The upper limit is (currently) 16 booth instances.
loss-policy="fence"
)
After a ticket is revoked, it can take a long time until all resources
depending on that ticket are stopped, especially in case of cascaded
resources. To cut that process short, the cluster administrator can
configure a loss-policy
(together with the ticket
dependencies) for the case that a ticket gets revoked from a site. If the
loss-policy is set to fence
, the nodes that are hosting
dependent resources are fenced.
On the one hand, loss-policy="fence"
considerably
speeds up the recovery process of the cluster and makes sure that
resources can be migrated more quickly.
On the other hand, it can lead to loss of all unwritten data, such as:
Data lying on shared storage (for example, DRBD).

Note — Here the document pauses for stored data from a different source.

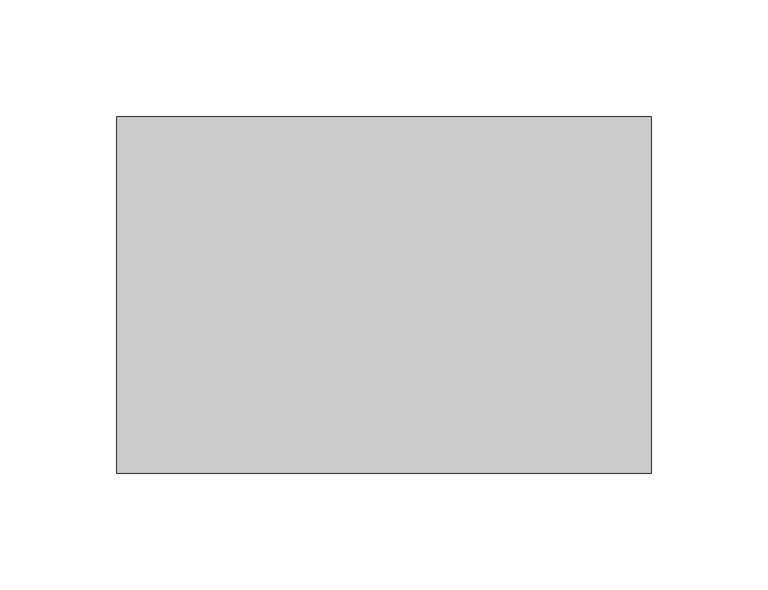
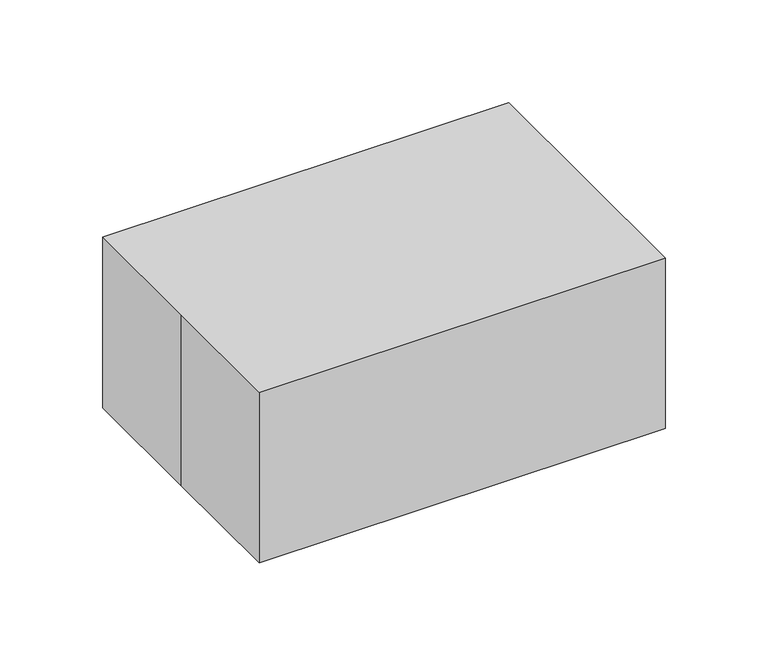
"""IFC4 building model written with IfcOpenShell, lengths in millimetres: proxy geometry, D4260 - Handpiece, Laboratory, Dental, Electric : D4260 - Handpiece, Laboratory, Dental, Electric."""

import ifcopenshell
import ifcopenshell.guid

model = None  # the IFC model being written
_history = None  # IfcOwnerHistory: only IFC2X3 demands one
_inside = {}  # id of a spatial element -> (the spatial element, [elements in it])
_under = {}  # id of a project, library or spatial element -> (it, [spatial elements below it])
_declared = {}  # id of a project -> (the project, [libraries it declares])
_typed = {}  # id of a type object -> (the type object, [elements of that type])
_made_of = {}  # id of a material, layer set ... -> (it, [elements and type objects made of it])


def new_model(schema):
    """Start an empty IFC model of exactly this schema.

    Asked for "IFC4X3", IfcOpenShell would pick the latest addendum, in which some entities
    have other attributes; the version numbers below select the first issue.
    IFC2X3 requires an IfcOwnerHistory on every rooted entity: one is made here for all.
    """
    global model, _history
    if schema == "IFC4X3":
        model = ifcopenshell.file(schema_version=(4, 3, 0, 0))
    else:
        model = ifcopenshell.file(schema=schema)
    _inside.clear()
    _under.clear()
    _declared.clear()
    _typed.clear()
    _made_of.clear()
    _history = None
    if model.schema == "IFC2X3":
        org = make("IfcOrganization", Name="unknown")
        user = make(
            "IfcPersonAndOrganization",
            ThePerson=make("IfcPerson", FamilyName="unknown"),
            TheOrganization=org,
        )
        app = make(
            "IfcApplication",
            ApplicationDeveloper=org,
            Version="unknown",
            ApplicationFullName="unknown",
            ApplicationIdentifier="unknown",
        )
        _history = make(
            "IfcOwnerHistory",
            OwningUser=user,
            OwningApplication=app,
            ChangeAction="ADDED",
            CreationDate=0,
        )
    return model


def make(cls, **values):
    """One entity of the class cls with the attributes given. An attribute that is None is left unset."""
    return model.create_entity(
        cls, **{name: value for name, value in values.items() if value is not None}
    )


def rooted(cls, **values):
    """An entity with a GlobalId (a new one), such as an element, a storey or a relation."""
    return make(cls, GlobalId=ifcopenshell.guid.new(), OwnerHistory=_history, **values)


def si_unit(unit_type, name, prefix=None):
    """IfcSIUnit, for example si_unit("LENGTHUNIT", "METRE", prefix="MILLI")."""
    return make("IfcSIUnit", UnitType=unit_type, Prefix=prefix, Name=name)


def assignment(units):
    """IfcUnitAssignment: the units of a project."""
    return None if units is None else make("IfcUnitAssignment", Units=units)


def point(xyz):
    """IfcCartesianPoint."""
    return None if xyz is None else make("IfcCartesianPoint", Coordinates=xyz)


def direction(xyz):
    """IfcDirection."""
    return None if xyz is None else make("IfcDirection", DirectionRatios=xyz)


def frame(location, z_axis=None, x_axis=None):
    """IfcAxis2Placement3D, a coordinate frame: its origin and axes. An axis left out is left unset."""
    return make(
        "IfcAxis2Placement3D",
        Location=point(location),
        Axis=direction(z_axis),
        RefDirection=direction(x_axis),
    )


def origin():
    """The frame at (0, 0, 0) with its axes left unset."""
    return frame((0.0, 0.0, 0.0))


def origin_with_axes():
    """The frame at (0, 0, 0) with the z axis (0, 0, 1) and the x axis (1, 0, 0) written out."""
    return frame((0.0, 0.0, 0.0), z_axis=(0.0, 0.0, 1.0), x_axis=(1.0, 0.0, 0.0))


def place(relative_to, where):
    """IfcLocalPlacement: puts the frame where relative to a parent placement (None: the world)."""
    return make(
        "IfcLocalPlacement", PlacementRelTo=relative_to, RelativePlacement=where
    )


def context(
    kind, dimensions, precision=None, world=None, true_north=None, identifier=None
):
    """IfcGeometricRepresentationContext, for example the 3D "Model" context."""
    return make(
        "IfcGeometricRepresentationContext",
        ContextIdentifier=identifier,
        ContextType=kind,
        CoordinateSpaceDimension=dimensions,
        Precision=precision,
        WorldCoordinateSystem=world,
        TrueNorth=true_north,
    )


def project(units=None, contexts=None):
    """IfcProject with its units and contexts."""
    return rooted(
        "IfcProject",
        Name="project",
        RepresentationContexts=contexts,
        UnitsInContext=assignment(units),
    )


def spatial(cls, under=None, at=None, **own):
    """A site, building, storey or space (cls), placed at a placement, below another one or the project."""
    s = rooted(cls, ObjectPlacement=at, **own)
    if under is not None:
        _under.setdefault(under.id(), (under, []))[1].append(s)
    return s


def polyline(points):
    """IfcPolyline through the points."""
    return make("IfcPolyline", Points=[point(p) for p in points])


def outline(outer, holes=None, kind="AREA"):
    """IfcArbitraryClosedProfileDef: a profile drawn as a closed curve; with holes, ...WithVoids."""
    if holes is None:
        return make("IfcArbitraryClosedProfileDef", ProfileType=kind, OuterCurve=outer)
    return make(
        "IfcArbitraryProfileDefWithVoids",
        ProfileType=kind,
        OuterCurve=outer,
        InnerCurves=holes,
    )


def extrude(swept, where, along, depth):
    """IfcExtrudedAreaSolid: the profile swept, set in the frame where, extruded along a direction by depth."""
    return make(
        "IfcExtrudedAreaSolid",
        SweptArea=swept,
        Position=where,
        ExtrudedDirection=direction(along),
        Depth=depth,
    )


def shape(context_of_items, identifier, shape_type, items):
    """IfcShapeRepresentation: the items that make up one representation, for example the "Body"."""
    return make(
        "IfcShapeRepresentation",
        ContextOfItems=context_of_items,
        RepresentationIdentifier=identifier,
        RepresentationType=shape_type,
        Items=items,
    )


def source(mapping_origin, context_of_items, identifier, shape_type, items):
    """IfcRepresentationMap: a shape defined once, which mapped items show again and again."""
    return make(
        "IfcRepresentationMap",
        MappingOrigin=mapping_origin,
        MappedRepresentation=shape(context_of_items, identifier, shape_type, items),
    )


def transform(
    local_origin,
    x_axis=None,
    y_axis=None,
    z_axis=None,
    scale=None,
    scale2=None,
    scale3=None,
    uniform=True,
):
    """IfcCartesianTransformationOperator3D, or its non-uniform kind. x_axis, y_axis, z_axis: its Axis1, 2, 3."""
    if uniform:
        return make(
            "IfcCartesianTransformationOperator3D",
            Axis1=direction(x_axis),
            Axis2=direction(y_axis),
            LocalOrigin=point(local_origin),
            Scale=scale,
            Axis3=direction(z_axis),
        )
    return make(
        "IfcCartesianTransformationOperator3DnonUniform",
        Axis1=direction(x_axis),
        Axis2=direction(y_axis),
        LocalOrigin=point(local_origin),
        Scale=scale,
        Axis3=direction(z_axis),
        Scale2=scale2,
        Scale3=scale3,
    )


def mapped(mapping_source, mapping_target):
    """IfcMappedItem: shows the shape of a source again, moved by a transform."""
    return make(
        "IfcMappedItem", MappingSource=mapping_source, MappingTarget=mapping_target
    )


def made_of(thing, what):
    """Note that an element or type object is made of a material, layer set ...; save() writes the relation."""
    if what is not None:
        _made_of.setdefault(what.id(), (what, []))[1].append(thing)
    return thing


def element(
    cls,
    number,
    at=None,
    inside=None,
    cuts=None,
    type_object=None,
    material=None,
    context=None,
    identifier="Body",
    shape_type=None,
    held_by="IfcProductDefinitionShape",
    body=None,
    shapes=None,
    **own,
):
    """One element of the class cls, such as IfcWall. Its Tag is "e" and its number.

    at: its placement. inside: the storey or other place that contains it. cuts: it is an
    opening in that element (IfcRelVoidsElement). A single representation is given by context,
    identifier, shape_type and body (its items); several are given by shapes. held_by: the class
    of the entity that holds the representations. save() writes the other relations.
    """
    e = rooted(cls, Tag="e%d" % number, ObjectPlacement=at, **own)
    if body is not None:
        shapes = [shape(context, identifier, shape_type, body)]
    if shapes is not None:
        e.Representation = make(held_by, Representations=shapes)
    if inside is not None:
        _inside.setdefault(inside.id(), (inside, []))[1].append(e)
    if cuts is not None:
        rooted(
            "IfcRelVoidsElement", RelatingBuildingElement=cuts, RelatedOpeningElement=e
        )
    if type_object is not None:
        _typed.setdefault(type_object.id(), (type_object, []))[1].append(e)
    return made_of(e, material)


def aggregate(whole, parts):
    """IfcRelAggregates: a whole, such as a stair, and the parts it consists of."""
    return rooted("IfcRelAggregates", RelatingObject=whole, RelatedObjects=parts)


def save(model, path):
    """Write the relations noted so far, then the file.

    IfcRelAggregates (storeys below a building ...), IfcRelContainedInSpatialStructure (elements
    in a storey), IfcRelDefinesByType, IfcRelAssociatesMaterial and IfcRelDeclares: one each for
    every whole, place, type object, material and project.
    """
    for whole, parts in _under.values():
        aggregate(whole, parts)
    for where, things in _inside.values():
        rooted(
            "IfcRelContainedInSpatialStructure",
            RelatedElements=things,
            RelatingStructure=where,
        )
    for kind, things in _typed.values():
        rooted("IfcRelDefinesByType", RelatedObjects=things, RelatingType=kind)
    for what, things in _made_of.values():
        rooted("IfcRelAssociatesMaterial", RelatedObjects=things, RelatingMaterial=what)
    for by, libraries in _declared.values():
        rooted("IfcRelDeclares", RelatingContext=by, RelatedDefinitions=libraries)
    model.write(path)


def specialty_equipment_62e1c088(model_context):
    return source(origin(), model_context, "Body", "SweptSolid", [
        extrude(outline(polyline([(100.6709579, 63.4814676), (100.6709579, -63.5185324), (-102.5290421, -63.5185324), (-102.5290421, 63.4814676), (100.6709579, 63.4814676)])), origin_with_axes(), (0.0, 0.0, 1.0), 88.9),
        extrude(outline(polyline([(-114.3, 76.2), (114.3, 76.2), (114.3, -76.2), (-114.3, -76.2), (-114.3, 0.0), (-114.3, 76.2)])), origin_with_axes(), (0.0, 0.0, 1.0), 101.6),
    ])


if __name__ == "__main__":
    model = new_model("IFC4")
    model_context = context("Model", 3, world=origin())
    ifc_project = project(units=[si_unit("LENGTHUNIT", "METRE", prefix="MILLI")], contexts=[model_context])
    site = spatial("IfcSite", under=ifc_project)
    building = spatial("IfcBuilding", under=site)
    placement = place(None, origin())
    specialty_equipment_shape = specialty_equipment_62e1c088(model_context)
    element("IfcBuildingElementProxy", 1, Name="D4260 - Handpiece, Laboratory, Dental, Electric : D4260 - Handpiece, Laboratory, Dental, Electric", ObjectType="D4260 - Handpiece, Laboratory, Dental, Electric : D4260 - Handpiece, Laboratory, Dental, Electric", at=placement, inside=building, context=model_context, shape_type="MappedRepresentation", body=[
        mapped(specialty_equipment_shape, transform((0.0, 0.0, 0.0), x_axis=(1.0, 0.0, 0.0), y_axis=(0.0, 1.0, 0.0), z_axis=(0.0, 0.0, 1.0))),
    ])
    save(model, "model.ifc")

# Revit data of these elements
# Project information
#   Room Abbreviation = "DNPL3"
#   Room Description = "Dental Laboratory, Prosthodontic, Full Service (DNPL3)"
#   Sheets - Total = "6"
#   Project Issue Date = "Issue Date"
#   Project Status = "Project Status"
#   Client Name = "Owner"
#   Project Address = "Enter address here"
#   Project Name = "Project Name"
#   Project Number = "Project Number"
#   Publication Date = "1-Feb-16"
# Type "D4260 - Handpiece, Laboratory, Dental, Electric : D4260 - Handpiece, Laboratory, Dental, Electric"
#   Watts2 = "0"
#   Watts1 = "240"
#   Unit_Issue = "EA"
#   UTIL_6_Misc = "-"
#   UTIL_5_NonMedGas = "-"
#   UTIL_4_MiscGas = "-"
#   UTIL_3_MedGas = "-"
#   UTIL_2_Elec = "A"
#   UTIL_1_WaterDrain = "-"
#   Nomenclature = "Handpiece, Laboratory, Dental, Electric"
#   NSN = "6520"
#   Location [instance default] = ""
#   JSN = "D4260"
#   Fund_Source_VA = "-"
#   Fund_Source_Navy = "-"
#   Fund_Source_Army = "-"
#   Fund_Source_AF = "-"
#   ELEC_Volts2 = "0"
#   ELEC_Volts1 = "120"
#   ELEC_Phase2 = "0"
#   ELEC_Phase1 = "1"
#   ELEC_HertzSwitch = "0"
#   ELEC_HertzDependent = "-1"
#   ELEC_Hertz = "60"
#   ELEC_Amps2 = "0"
#   ELEC_Amps1 = "2"
#   DetailDescription = "Portable dental laboratory handpiece. The unit has a straight handle and is electrically powered. The handpiece includes a controller and power cables. Unit is used to grind, polish or finish precious and non-precious metal alloys."
#   CAT_VA = "C"
#   CAT_Navy = "C"
#   CAT_IHS = "-"
#   CAT_Army = "C"
#   CAT_AF = "C"
#   BTUperhour = "0"
#   Weight_IP = 6
#   DIM_Width_IP = 0' - 9"
#   DIM_Height_IP = 0' - 4"
#   DIM_Depth_IP = 0' - 6"
# Element 1 (IfcBuildingElementProxy, "D4260 - Handpiece, Laboratory, Dental, Electric : D4260 - Handpiece, Laboratory, Dental, Electric")
#   Materials on its faces: "EquipSpace"
# Materials
#   "EquipSpace": class "Unassigned", colour RGB 221 217 195, transparency 0.5
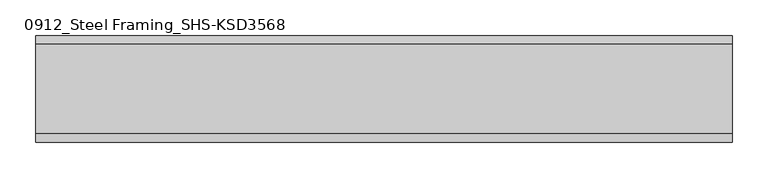
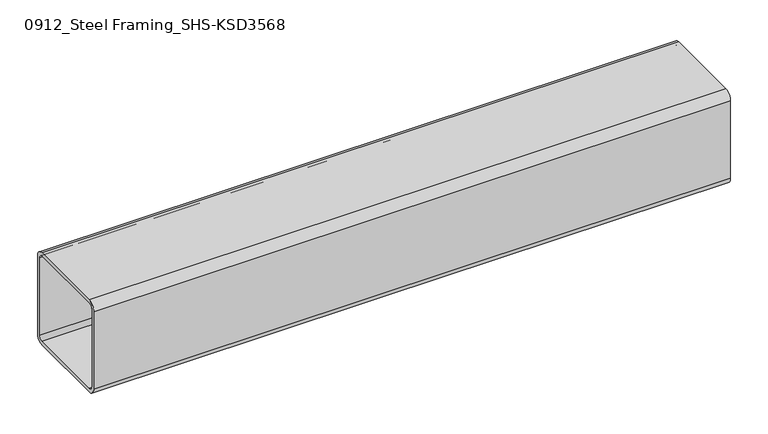
"""IFC4 building model written with IfcOpenShell, lengths in millimetres: beam geometry, 0912_Steel Framing_SHS-KSD3568 : H_SB_ASB_SHS-150x150x6."""

from ifc_helpers import new_model, si_unit, point, frame, frame_2d, origin, place, context, project, spatial, polyline, circle_curve, trimmed, segment, composite_curve, outline, extrude, source, transform, mapped, element, save


def beam_0912_steel_framing_shs_ksd3568_e9f13fd5(model_context):
    return source(origin(), model_context, "Body", "SweptSolid", [
        extrude(outline(composite_curve([segment(trimmed(circle_curve(frame_2d((-63.0, 63.0)), 12.0), [point((-75.0, 63.0))], [point((-63.0, 75.0))], False, "CARTESIAN"), True, "CONTINUOUS"), segment(polyline([(-63.0, 75.0), (63.0, 75.0)]), True, "CONTINUOUS"), segment(trimmed(circle_curve(frame_2d((63.0, 63.0)), 12.0), [point((63.0, 75.0))], [point((75.0, 63.0))], False, "CARTESIAN"), True, "CONTINUOUS"), segment(polyline([(75.0, 63.0), (75.0, -63.0)]), True, "CONTINUOUS"), segment(trimmed(circle_curve(frame_2d((63.0, -63.0)), 12.0), [point((75.0, -63.0))], [point((63.0, -75.0))], False, "CARTESIAN"), True, "CONTINUOUS"), segment(polyline([(63.0, -75.0), (-63.0, -75.0)]), True, "CONTINUOUS"), segment(trimmed(circle_curve(frame_2d((-63.0, -63.0)), 12.0), [point((-63.0, -75.0))], [point((-75.0, -63.0))], False, "CARTESIAN"), True, "CONTINUOUS"), segment(polyline([(-75.0, -63.0), (-75.0, 63.0)]), True, "CONTINUOUS")], self_intersect=False), holes=[composite_curve([segment(polyline([(63.0, 69.0), (-63.0, 69.0)]), True, "CONTINUOUS"), segment(trimmed(circle_curve(frame_2d((-63.0, 63.0)), 6.0), [point((-63.0, 69.0))], [point((-69.0, 63.0))], True, "CARTESIAN"), True, "CONTINUOUS"), segment(polyline([(-69.0, 63.0), (-69.0, -63.0)]), True, "CONTINUOUS"), segment(trimmed(circle_curve(frame_2d((-63.0, -63.0)), 6.0), [point((-69.0, -63.0))], [point((-63.0, -69.0))], True, "CARTESIAN"), True, "CONTINUOUS"), segment(polyline([(-63.0, -69.0), (63.0, -69.0)]), True, "CONTINUOUS"), segment(trimmed(circle_curve(frame_2d((63.0, -63.0)), 6.0), [point((63.0, -69.0))], [point((69.0, -63.0))], True, "CARTESIAN"), True, "CONTINUOUS"), segment(polyline([(69.0, -63.0), (69.0, 63.0)]), True, "CONTINUOUS"), segment(trimmed(circle_curve(frame_2d((63.0, 63.0)), 6.0), [point((69.0, 63.0))], [point((63.0, 69.0))], True, "CARTESIAN"), True, "CONTINUOUS")], self_intersect=False)]), frame((-490.0, 0.0, 0.0), z_axis=(1.0, 0.0, 0.0), x_axis=(0.0, 1.0, 0.0)), (0.0, 0.0, 1.0), 980.0),
    ])


if __name__ == "__main__":
    model = new_model("IFC4")
    model_context = context("Model", 3, world=origin())
    ifc_project = project(units=[si_unit("LENGTHUNIT", "METRE", prefix="MILLI")], contexts=[model_context])
    site = spatial("IfcSite", under=ifc_project)
    building = spatial("IfcBuilding", under=site)
    placement = place(None, origin())
    beam_0912_steel_framing_shs_ksd3568_shape = beam_0912_steel_framing_shs_ksd3568_e9f13fd5(model_context)
    element("IfcBeam", 1, ObjectType="0912_Steel Framing_SHS-KSD3568 : H_SB_ASB_SHS-150x150x6", at=placement, inside=building, context=model_context, shape_type="MappedRepresentation", body=[
        mapped(beam_0912_steel_framing_shs_ksd3568_shape, transform((0.0, 0.0, 0.0), x_axis=(1.0, 0.0, 0.0), y_axis=(0.0, 1.0, 0.0), z_axis=(0.0, 0.0, 1.0))),
    ])
    save(model, "model.ifc")

# Revit data of these elements
# Type "0912_Steel Framing_SHS-KSD3568 : H_SB_ASB_SHS-150x150x6"
#   H_WM Code_1 = "S01AA002-00001 | Main Steel Structure Fabrication Work | Shelter/Building | Medium Steel - Standard (90KG/M>Weight≥30KG/M) | Material: (   )"
#   H_WM Code_2 = "S03AA028-00001 | Main Steel Structure Erection Work | Shelter/Building | Medium Steel (90KG/M>Weight≥30KG/M) | Material: (   )"
#   H_WM Code_3 = "S01AA010-00001 | Main Steel Structure Fabrication Work | Shelter/Building | Steel Painting/Coating | for Non-Fireproofed Steel Surface, Surface Preparation, Primer, Second & Final Coat | Material: (   )"
#   H_Q'ty Cal Type Tag = "SB-Q2"
#   Perimeter = 0.60 m²/m
#   Nominal Weight = 26.40 kgf/m
#   Length [instance default] = 1.0000 m
#   b = 0.1500 m
#   h = 0.1500 m
#   tr = 0.0120 m
#   t = 0.0060 m
#   A = 28.36 m²
#   Structural Material [instance default] = Steel, 45-345
# Element 1 (IfcBeam, "0912_Steel Framing_SHS-KSD3568 : H_SB_ASB_SHS-150x150x6")
#   Structural Material = none
# Materials
#   "Steel, 45-345": class "Metal", colour RGB 189 187 185, transparency 0, Description = "Steel 345 MPa", Cost = 0

Data in a replicating database (for example, MariaDB or PostgreSQL) that has not yet reached the other site, because of a slow network link.
A ticket grants the right to run certain resources on a specific cluster site. A ticket can only be owned by one site at a time. Initially, none of the sites has a ticket—each ticket must be granted once by the cluster administrator. After that, tickets are managed by the booth for automatic failover of resources. But administrators may also intervene and grant or revoke tickets manually.
After a ticket is administratively revoked, it is not managed by booth anymore. For booth to start managing the ticket again, the ticket must be again granted to a site.
Resources can be bound to a certain ticket by dependencies. Only if the defined ticket is available at a site, the respective resources are started. Vice versa, if the ticket is removed, the resources depending on that ticket are automatically stopped.
The presence or absence of tickets for a site is stored in the CIB as a
cluster status. With regard to a certain ticket, there are only two states
for a site: true
(the site has the ticket) or
false
(the site does not have the ticket). The absence
of a certain ticket (during the initial state of the Geo cluster) is not
treated differently from the situation after the ticket has been revoked.
Both are reflected by the value false
.
A ticket within an overlay cluster is similar to a resource in a traditional cluster. But in contrast to traditional clusters, tickets are the only type of resource in an overlay cluster. They are primitive resources that do not need to be configured or cloned.
If the ticket gets lost, which means other booth instances do not hear from the ticket owner in a sufficiently long time, one of the remaining sites will acquire the ticket. This is what is called ticket failover. If the remaining members cannot form a majority, then the ticket cannot fail over.